В указанном деле Конституционный суд РФ сослался и на практику ЕСПЧ, указав, что конституционный принцип правового государства, из которого вытекают конкретные требования, рекомендации и запреты в отношении определенных действий органов государства, не позволяет федеральному законодателю устанавливать правовое регулирование таким образом, чтобы возможный запрет на регистрацию по месту фактического проживания приводил к чрезмерному ограничению права граждан на выбор места жительства и понуждал их к нарушению закона. Аналогичной позиции придерживается Европейский Суд по правам человека, полагающий, что никакие публичные интересы не могут служить оправданием такой системы регистрации, при которой официальная регистрация по постоянному месту жительства не соответствует фактическому месту проживания (Постановление от 20 июня 2006 г. по делу «Бабилонова (Babylonova) против Словакии»).
Отказ в регистрации гражданина по месту своего фактического жительства, где у него имеется единственное жилое помещение, затрудняет согласно позиции КС РФ реализацию гражданами права на жилище и права частной собственности. Признавая положения федерального закона неконституционными в части невозможности регистрации гражданина по месту своего фактического проживания, Конституционный Суд РФ тем не менее сделал важный вывод, связанный с конфликтом целевого назначения земельного участка (права собственности на земельный участок) и назначения расположенного на нем строения, как жилого (право на уважение жилища). В Постановлении КС РФ указано, что вместе с тем собственникам таких земельных участков следует учитывать, что регистрация по месту жительства в расположенных на них пригодных для постоянного проживания жилых строениях не приводит к приобретению соответствующей территорией статуса населенного пункта и, следовательно, не возлагает на органы публичной власти обязанности по ее благоустройству, созданию и поддержанию коммунальной, транспортной и иных инфраструктур, за исключением решения вопросов, непосредственно связанных с осуществлением основных прав и свобод человека и гражданина. Поэтому, выбирая в качестве места жительства жилое строение, расположенное на земельном участке, отнесенном к землям сельскохозяйственного назначения, граждане должны осознанно принимать и те возможные неудобства, которые являются следствием проживания вне территории населенных пунктов.
Указанный вывод Конституционного суда РФ, обеспечивший защиту права на уважение жилища, должен быть особо учитываем при регулировании публичного компонента правового режима земельных участков и оказываемое значение целевого их назначения на расположенные на участках строения.
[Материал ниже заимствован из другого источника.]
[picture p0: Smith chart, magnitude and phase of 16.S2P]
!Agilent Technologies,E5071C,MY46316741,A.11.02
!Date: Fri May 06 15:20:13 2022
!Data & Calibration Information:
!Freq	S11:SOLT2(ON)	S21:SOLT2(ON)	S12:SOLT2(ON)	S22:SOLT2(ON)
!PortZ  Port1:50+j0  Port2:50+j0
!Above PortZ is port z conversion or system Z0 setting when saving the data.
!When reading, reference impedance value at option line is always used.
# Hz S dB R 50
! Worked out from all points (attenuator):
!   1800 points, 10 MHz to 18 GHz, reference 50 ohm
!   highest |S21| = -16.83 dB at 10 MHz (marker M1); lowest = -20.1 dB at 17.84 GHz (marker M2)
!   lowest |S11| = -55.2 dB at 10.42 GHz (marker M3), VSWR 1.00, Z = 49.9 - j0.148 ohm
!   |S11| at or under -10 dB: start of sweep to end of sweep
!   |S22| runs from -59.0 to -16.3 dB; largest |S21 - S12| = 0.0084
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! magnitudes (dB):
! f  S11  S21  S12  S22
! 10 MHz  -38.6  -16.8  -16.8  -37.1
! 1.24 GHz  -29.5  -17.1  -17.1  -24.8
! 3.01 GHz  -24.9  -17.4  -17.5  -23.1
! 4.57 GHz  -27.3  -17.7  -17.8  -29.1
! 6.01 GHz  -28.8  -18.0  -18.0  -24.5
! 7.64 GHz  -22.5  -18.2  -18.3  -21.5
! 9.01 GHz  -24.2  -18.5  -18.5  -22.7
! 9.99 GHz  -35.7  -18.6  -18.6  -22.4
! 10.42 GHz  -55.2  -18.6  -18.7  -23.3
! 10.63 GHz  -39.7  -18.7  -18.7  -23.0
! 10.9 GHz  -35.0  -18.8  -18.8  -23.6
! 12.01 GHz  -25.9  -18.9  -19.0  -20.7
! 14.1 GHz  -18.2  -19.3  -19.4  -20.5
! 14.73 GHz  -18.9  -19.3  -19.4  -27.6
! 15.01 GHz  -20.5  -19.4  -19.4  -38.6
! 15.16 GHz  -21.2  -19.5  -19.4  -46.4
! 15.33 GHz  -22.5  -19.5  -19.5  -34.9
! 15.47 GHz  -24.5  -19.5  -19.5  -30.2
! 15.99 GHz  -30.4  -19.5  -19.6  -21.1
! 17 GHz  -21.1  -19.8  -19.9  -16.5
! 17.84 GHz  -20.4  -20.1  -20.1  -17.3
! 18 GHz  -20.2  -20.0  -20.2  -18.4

Это связано с развитием понятия достаточного жилища, а также придания самостоятельного и даже приоритетного значения праву на уважение жилища по сравнению с правом на уважение собственности.
На современном уровне развития государства и общества право на жилище должно толковаться шире, чем непосредственно объект (место), которым пользуется человек для удовлетворения потребности в проживании и организации своего быта. Право на жилище должно охватывать определенную социальную, культурную среду, жилое помещение должно располагаться на территории, позволяющей человеку найти работу, учиться, общаться на одном языке с соседями, иметь определенные культурные корни, включая привычную для себя социальную среду. Только в таком качестве жилого помещения, не ограниченного пространственными пределами объекта нахождения человека, следует понимать право на жилище и его уважение. Для примеров широкого подхода к пониманию права на жилище и места проживания человека следует привести нормы как международного, так и российского законодательства. Так, в соответствии со ст. 12 Гаагской Конвенции о гражданско-правовых аспектах международного похищения детей [28], если ребенок незаконно перемещен или удерживается, например, одним из родителей на территории другого государства, чем в котором ребенок проживал до перемещения или удержания в нарушение права опеки над ним родителей (одного из них), он должен быть незамедлительно возвращен в государство своего проживания. Но правило о немедленном возвращении ребенка гласит о таком возврате, если на момент начала процедур в судебном или административном органе Договаривающегося государства, в котором находится ребенок, со дня незаконного перемещения или удержания ребенка прошло менее одного года.Даже в том случае если процедуры начались по истечении срока в один год, судебный или административный орган также обязан предписать возвратить ребенка, если только не будет доказано, что ребенок адаптировался в новой среде. Таким образом, адаптации ребенка в новой среде придается юридическое значение для установления его места проживания для целей урегулирования конфликта между родителями ребенка о месте его жительства, и уважении права ребенка на жилище в широком смысле.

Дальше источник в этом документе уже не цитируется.